With that said though, of the gripes listed in Moving on from XML? A teaser for a possible alternative I don’t think a binary format would help.

2 Likes

On the binary-vs-textual divide I clearly fall on the ‘textual’ side in this case, for a simple reason: version tracking.

Don’t get me wrong – I’m as vocal as anyone against textual data and try to not use that too much, for the usual reasons (there are so many ways to get outside of the “correct” space and into the “error/mistake” space, plus textual data takes up more storage and similar considerations, and so on). Heck, the first variant of “BRS tunetracker” (as it was called in 2000) used FORM/IFF binary config files… which later became flattened BMessages.

But in this case, consider this: the Genode .run script files contain configuration data that is embedded inside the script, and either in static form or generated on the fly, both for “unit test” run files and the more general scenarios run files, thus

  1. you’re not going to find a remotely practical equivalent way of embedding and generating binary data, that stuff can only be reasonably done with textual data, and
  2. that config data is critical to the functioning of Genode, so it must be “diff’able”, version tracking must clearly show differences, which can only be done with textual data (you cannot “diff” binary data!)

The above is clear as day to anyone who spent some significant time with Genode, doing system integration or playing with run files a little. Especially point 1 ; but point 2 casts a much wider net, and was (for instance) instrumental in my moving to Jamfiles, in the early 2000s: when I started coding for BeOS with Metrowerks Codewarrior I tried to include its binary .proj files in version tracking, but quickly realized it made little sense.

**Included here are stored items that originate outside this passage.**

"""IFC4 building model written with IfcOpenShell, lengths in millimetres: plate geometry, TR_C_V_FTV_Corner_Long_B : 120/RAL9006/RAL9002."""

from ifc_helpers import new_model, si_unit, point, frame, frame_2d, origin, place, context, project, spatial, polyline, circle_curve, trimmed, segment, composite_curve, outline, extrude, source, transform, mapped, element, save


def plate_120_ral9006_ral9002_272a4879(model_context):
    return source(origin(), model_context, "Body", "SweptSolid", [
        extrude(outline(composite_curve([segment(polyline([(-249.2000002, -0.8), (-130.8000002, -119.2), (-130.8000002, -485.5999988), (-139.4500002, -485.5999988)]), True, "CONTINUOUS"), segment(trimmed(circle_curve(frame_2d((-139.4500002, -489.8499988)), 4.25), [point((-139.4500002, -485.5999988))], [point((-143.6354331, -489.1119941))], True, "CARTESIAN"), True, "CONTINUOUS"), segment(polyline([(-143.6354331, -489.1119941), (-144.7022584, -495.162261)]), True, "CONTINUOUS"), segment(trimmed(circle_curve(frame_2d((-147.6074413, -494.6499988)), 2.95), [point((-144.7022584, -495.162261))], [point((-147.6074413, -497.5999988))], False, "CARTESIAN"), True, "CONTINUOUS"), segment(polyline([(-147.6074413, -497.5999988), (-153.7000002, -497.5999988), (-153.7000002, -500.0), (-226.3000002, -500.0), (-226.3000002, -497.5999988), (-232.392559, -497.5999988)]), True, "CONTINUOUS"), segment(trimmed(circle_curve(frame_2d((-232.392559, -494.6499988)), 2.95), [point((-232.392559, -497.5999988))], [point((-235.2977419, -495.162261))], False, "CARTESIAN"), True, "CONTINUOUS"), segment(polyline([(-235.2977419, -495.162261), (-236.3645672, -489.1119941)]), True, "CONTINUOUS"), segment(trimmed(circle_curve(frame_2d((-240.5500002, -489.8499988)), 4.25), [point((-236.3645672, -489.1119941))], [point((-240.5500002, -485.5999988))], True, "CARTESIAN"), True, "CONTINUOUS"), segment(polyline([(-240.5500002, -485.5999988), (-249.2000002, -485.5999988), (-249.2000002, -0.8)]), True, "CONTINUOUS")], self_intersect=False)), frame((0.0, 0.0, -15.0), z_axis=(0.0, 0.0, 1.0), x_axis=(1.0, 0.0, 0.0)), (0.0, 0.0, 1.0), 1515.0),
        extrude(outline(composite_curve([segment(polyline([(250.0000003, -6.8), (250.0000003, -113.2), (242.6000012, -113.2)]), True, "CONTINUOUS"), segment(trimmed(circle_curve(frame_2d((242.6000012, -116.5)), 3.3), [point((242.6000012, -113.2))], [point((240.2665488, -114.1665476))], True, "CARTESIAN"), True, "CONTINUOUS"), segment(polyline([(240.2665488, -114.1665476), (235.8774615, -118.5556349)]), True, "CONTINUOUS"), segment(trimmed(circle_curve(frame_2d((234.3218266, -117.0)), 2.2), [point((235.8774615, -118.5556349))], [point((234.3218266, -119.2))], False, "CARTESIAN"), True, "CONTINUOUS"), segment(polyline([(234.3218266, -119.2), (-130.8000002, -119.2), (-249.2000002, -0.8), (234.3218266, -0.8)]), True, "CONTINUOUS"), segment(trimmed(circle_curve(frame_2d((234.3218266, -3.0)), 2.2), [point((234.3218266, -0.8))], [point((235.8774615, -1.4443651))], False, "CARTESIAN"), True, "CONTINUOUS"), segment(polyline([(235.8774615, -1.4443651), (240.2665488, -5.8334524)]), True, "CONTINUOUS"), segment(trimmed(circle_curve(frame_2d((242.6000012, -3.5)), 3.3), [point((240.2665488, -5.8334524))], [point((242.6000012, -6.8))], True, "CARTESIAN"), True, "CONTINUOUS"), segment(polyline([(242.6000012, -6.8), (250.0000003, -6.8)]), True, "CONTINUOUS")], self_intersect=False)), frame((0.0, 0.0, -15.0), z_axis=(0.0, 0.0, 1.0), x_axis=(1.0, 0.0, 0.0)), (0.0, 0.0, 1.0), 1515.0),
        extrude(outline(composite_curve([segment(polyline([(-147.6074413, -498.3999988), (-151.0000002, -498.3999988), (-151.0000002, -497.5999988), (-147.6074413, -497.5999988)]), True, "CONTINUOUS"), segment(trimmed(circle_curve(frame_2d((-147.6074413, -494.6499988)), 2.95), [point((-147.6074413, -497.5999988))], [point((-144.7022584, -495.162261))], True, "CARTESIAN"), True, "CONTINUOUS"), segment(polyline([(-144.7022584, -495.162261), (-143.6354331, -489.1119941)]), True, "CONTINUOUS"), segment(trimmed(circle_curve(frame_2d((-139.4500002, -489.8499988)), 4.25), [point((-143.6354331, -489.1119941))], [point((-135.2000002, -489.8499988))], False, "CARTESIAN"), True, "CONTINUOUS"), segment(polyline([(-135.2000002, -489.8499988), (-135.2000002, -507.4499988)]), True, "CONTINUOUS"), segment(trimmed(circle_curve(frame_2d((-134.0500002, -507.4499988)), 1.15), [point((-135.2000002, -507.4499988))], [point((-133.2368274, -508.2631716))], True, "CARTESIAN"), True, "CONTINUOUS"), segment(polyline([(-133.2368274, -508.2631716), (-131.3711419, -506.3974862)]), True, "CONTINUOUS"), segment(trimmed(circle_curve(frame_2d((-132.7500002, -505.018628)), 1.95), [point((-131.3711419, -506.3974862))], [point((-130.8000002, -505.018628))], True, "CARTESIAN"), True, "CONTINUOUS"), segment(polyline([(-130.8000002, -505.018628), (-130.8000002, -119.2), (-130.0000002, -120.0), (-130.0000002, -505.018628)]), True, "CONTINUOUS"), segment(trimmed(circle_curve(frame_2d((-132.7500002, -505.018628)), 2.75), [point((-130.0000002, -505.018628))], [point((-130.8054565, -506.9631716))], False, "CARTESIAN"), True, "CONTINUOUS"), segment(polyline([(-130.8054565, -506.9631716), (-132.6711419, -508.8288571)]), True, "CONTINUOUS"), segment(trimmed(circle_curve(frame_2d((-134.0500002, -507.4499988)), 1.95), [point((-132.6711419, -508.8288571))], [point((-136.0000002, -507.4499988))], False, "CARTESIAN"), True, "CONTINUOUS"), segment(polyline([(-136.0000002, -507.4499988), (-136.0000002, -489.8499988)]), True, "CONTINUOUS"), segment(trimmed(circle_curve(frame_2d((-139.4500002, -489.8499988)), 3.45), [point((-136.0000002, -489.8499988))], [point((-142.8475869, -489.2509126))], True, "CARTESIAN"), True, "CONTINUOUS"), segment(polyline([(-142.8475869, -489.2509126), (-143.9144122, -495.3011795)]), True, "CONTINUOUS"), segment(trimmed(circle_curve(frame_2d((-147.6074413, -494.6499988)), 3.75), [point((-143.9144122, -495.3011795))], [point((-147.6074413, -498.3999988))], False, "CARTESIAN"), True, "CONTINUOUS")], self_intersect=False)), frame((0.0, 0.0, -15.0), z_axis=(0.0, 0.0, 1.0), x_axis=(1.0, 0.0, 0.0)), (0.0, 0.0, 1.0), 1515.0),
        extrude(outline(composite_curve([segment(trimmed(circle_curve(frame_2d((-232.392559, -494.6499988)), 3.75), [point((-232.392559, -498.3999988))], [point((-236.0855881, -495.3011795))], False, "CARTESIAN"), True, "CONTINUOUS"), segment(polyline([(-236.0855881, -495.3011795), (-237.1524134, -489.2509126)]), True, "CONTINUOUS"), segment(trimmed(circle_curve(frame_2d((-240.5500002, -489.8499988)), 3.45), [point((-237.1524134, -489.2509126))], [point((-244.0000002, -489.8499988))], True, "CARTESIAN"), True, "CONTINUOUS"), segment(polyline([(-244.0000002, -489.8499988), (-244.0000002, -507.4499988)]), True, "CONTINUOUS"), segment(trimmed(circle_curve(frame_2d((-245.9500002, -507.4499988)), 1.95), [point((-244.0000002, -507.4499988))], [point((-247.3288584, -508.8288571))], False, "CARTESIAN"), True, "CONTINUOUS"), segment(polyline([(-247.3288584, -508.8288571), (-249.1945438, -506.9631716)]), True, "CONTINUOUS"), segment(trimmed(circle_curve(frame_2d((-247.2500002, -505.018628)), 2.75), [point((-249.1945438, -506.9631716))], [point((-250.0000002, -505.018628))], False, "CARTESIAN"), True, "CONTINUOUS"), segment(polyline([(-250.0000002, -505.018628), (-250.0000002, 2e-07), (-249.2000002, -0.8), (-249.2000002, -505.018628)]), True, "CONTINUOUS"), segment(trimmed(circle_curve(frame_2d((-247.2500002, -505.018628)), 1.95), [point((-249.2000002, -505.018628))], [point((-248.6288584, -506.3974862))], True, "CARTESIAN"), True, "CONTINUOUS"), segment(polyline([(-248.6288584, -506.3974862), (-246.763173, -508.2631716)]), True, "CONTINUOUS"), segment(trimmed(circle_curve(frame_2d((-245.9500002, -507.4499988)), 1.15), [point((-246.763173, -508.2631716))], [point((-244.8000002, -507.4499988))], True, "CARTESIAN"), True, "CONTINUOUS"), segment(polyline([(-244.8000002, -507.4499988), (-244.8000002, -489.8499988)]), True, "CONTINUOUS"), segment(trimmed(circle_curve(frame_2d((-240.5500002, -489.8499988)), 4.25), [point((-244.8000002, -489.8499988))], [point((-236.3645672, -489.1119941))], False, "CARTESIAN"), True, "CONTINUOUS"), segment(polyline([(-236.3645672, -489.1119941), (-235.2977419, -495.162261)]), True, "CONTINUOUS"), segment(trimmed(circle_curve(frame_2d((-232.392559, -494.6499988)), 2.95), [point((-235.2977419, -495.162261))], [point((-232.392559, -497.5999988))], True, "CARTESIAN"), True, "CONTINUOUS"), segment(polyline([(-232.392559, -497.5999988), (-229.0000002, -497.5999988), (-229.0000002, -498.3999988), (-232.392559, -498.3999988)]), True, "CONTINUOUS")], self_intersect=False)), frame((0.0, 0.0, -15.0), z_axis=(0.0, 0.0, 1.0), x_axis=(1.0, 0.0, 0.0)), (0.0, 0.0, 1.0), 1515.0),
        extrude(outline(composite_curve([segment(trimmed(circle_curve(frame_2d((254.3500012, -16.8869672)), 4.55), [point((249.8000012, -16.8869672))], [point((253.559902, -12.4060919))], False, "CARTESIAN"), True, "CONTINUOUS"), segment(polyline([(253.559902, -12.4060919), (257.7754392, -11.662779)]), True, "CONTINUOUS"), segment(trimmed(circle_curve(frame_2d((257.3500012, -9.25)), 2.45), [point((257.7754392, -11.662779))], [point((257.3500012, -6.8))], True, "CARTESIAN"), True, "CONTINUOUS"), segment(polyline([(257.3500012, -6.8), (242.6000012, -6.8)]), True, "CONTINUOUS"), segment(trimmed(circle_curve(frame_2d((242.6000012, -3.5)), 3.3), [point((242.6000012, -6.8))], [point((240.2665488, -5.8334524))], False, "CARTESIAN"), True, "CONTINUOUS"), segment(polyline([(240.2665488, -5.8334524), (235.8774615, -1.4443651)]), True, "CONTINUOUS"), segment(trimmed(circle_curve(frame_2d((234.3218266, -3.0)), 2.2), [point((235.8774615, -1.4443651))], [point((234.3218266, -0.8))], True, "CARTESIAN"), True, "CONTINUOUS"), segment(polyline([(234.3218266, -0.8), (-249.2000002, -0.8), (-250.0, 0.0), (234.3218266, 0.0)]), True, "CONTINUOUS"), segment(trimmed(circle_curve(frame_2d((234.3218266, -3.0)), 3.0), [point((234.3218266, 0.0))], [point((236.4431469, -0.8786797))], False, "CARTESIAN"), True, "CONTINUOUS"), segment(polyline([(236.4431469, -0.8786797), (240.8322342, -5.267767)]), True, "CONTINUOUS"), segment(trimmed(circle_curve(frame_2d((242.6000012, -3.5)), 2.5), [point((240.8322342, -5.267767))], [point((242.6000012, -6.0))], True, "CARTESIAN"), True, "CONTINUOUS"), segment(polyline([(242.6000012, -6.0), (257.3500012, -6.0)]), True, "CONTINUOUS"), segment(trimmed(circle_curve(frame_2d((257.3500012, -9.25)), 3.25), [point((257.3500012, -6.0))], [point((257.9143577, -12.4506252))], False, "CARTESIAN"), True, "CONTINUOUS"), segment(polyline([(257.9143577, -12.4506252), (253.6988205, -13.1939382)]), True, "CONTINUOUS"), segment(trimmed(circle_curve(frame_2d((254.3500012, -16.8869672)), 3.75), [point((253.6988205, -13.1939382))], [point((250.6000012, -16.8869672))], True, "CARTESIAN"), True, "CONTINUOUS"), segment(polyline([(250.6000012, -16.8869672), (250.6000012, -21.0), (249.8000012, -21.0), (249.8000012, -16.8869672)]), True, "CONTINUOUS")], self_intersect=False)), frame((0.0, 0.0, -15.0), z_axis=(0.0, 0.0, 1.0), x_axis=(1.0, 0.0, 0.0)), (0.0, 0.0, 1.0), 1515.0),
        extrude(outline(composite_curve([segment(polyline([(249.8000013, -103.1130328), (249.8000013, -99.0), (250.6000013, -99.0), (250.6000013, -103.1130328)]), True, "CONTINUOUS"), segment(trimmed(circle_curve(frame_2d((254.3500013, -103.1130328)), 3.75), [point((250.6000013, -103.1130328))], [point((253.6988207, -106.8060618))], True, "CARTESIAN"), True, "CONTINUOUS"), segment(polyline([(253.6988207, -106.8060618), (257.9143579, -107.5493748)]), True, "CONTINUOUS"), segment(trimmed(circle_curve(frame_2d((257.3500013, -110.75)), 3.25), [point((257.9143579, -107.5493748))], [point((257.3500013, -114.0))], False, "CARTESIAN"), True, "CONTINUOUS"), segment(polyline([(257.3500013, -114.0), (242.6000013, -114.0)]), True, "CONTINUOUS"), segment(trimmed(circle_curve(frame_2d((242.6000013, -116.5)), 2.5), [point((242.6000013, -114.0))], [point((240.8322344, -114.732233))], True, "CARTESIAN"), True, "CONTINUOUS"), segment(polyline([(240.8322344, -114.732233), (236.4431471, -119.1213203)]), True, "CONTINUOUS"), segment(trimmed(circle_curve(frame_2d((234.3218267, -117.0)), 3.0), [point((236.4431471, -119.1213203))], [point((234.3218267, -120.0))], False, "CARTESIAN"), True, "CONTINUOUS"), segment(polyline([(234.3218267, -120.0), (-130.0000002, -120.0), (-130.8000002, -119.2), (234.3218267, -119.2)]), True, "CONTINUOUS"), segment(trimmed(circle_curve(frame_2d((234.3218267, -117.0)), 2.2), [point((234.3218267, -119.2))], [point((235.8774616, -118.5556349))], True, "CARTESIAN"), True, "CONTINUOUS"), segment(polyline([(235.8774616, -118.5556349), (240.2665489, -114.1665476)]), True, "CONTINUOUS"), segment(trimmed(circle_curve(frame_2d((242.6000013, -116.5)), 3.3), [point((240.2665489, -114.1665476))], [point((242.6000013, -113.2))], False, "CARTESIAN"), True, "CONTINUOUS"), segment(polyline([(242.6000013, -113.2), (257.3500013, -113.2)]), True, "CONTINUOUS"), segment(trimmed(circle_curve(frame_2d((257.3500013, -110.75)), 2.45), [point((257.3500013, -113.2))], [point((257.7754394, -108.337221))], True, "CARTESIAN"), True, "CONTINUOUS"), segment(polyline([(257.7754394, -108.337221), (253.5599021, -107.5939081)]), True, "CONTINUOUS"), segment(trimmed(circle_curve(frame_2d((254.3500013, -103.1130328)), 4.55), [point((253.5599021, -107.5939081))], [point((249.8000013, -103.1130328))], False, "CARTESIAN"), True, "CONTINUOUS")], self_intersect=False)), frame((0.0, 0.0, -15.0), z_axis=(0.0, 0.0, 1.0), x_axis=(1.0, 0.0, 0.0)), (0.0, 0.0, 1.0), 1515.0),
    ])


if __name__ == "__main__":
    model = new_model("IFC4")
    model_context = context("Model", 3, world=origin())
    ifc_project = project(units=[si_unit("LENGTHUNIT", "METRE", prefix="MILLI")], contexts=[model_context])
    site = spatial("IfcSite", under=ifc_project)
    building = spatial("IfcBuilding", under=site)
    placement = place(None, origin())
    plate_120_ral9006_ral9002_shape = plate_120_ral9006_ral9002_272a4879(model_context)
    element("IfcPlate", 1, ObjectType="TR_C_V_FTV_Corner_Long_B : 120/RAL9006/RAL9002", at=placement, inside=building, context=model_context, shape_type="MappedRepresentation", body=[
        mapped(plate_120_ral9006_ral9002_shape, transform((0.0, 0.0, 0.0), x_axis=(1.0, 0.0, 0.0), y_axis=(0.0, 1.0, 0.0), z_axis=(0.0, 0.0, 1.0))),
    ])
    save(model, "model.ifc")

The Genode team might explain all this better… Though hopefully I saved them some time by editing the above explanation to spare them the trouble :wink:

I’m more inclined to discuss the visual (textual?) editor tool. Now that we’re migrating to HRD I could imagine myself coming up with an ad-hoc quick and dirty parser for HRD, and write a little tool that assists on an initially very reduced set of features. For example, my dang brain can’t assimilate or grok the subtleties of prefix/suffix label matching. So if the knowledge of how those work could be embodied by a piece of code, which would immediately show on-screen how the matching is going to be processed, without the need for me to run the scenario in Qemu, and possibly fail silently without any tracing information on screen, that would save me gigatons of valuable development time.
(disclaimer: that’s an hypothetical, there’s about zero odds that I’m actually going to pull the trigger on that project, there are many things that are higher on my priority list)

1 Like

Thanks for the Wikipedia link. I did a single search before I posted but I hadn’t checked Wikipedia. EXI looks the most promising.

@ttcoder
The binary parsing shortcomings of Git never cease to amaze me. Having a macro-expansion that would return an XML or HRD document with a sane style might solve that if Git and Diff could be supplemented.

Since EXI already exists and is recommended by the W3C, I’m withdrawing the proposal. Also in the original thread, it has been made clear that HRD is an exploration of the idea of a new format but is not decided conclusively. Compiled XML formats can be adopted at build time anyway.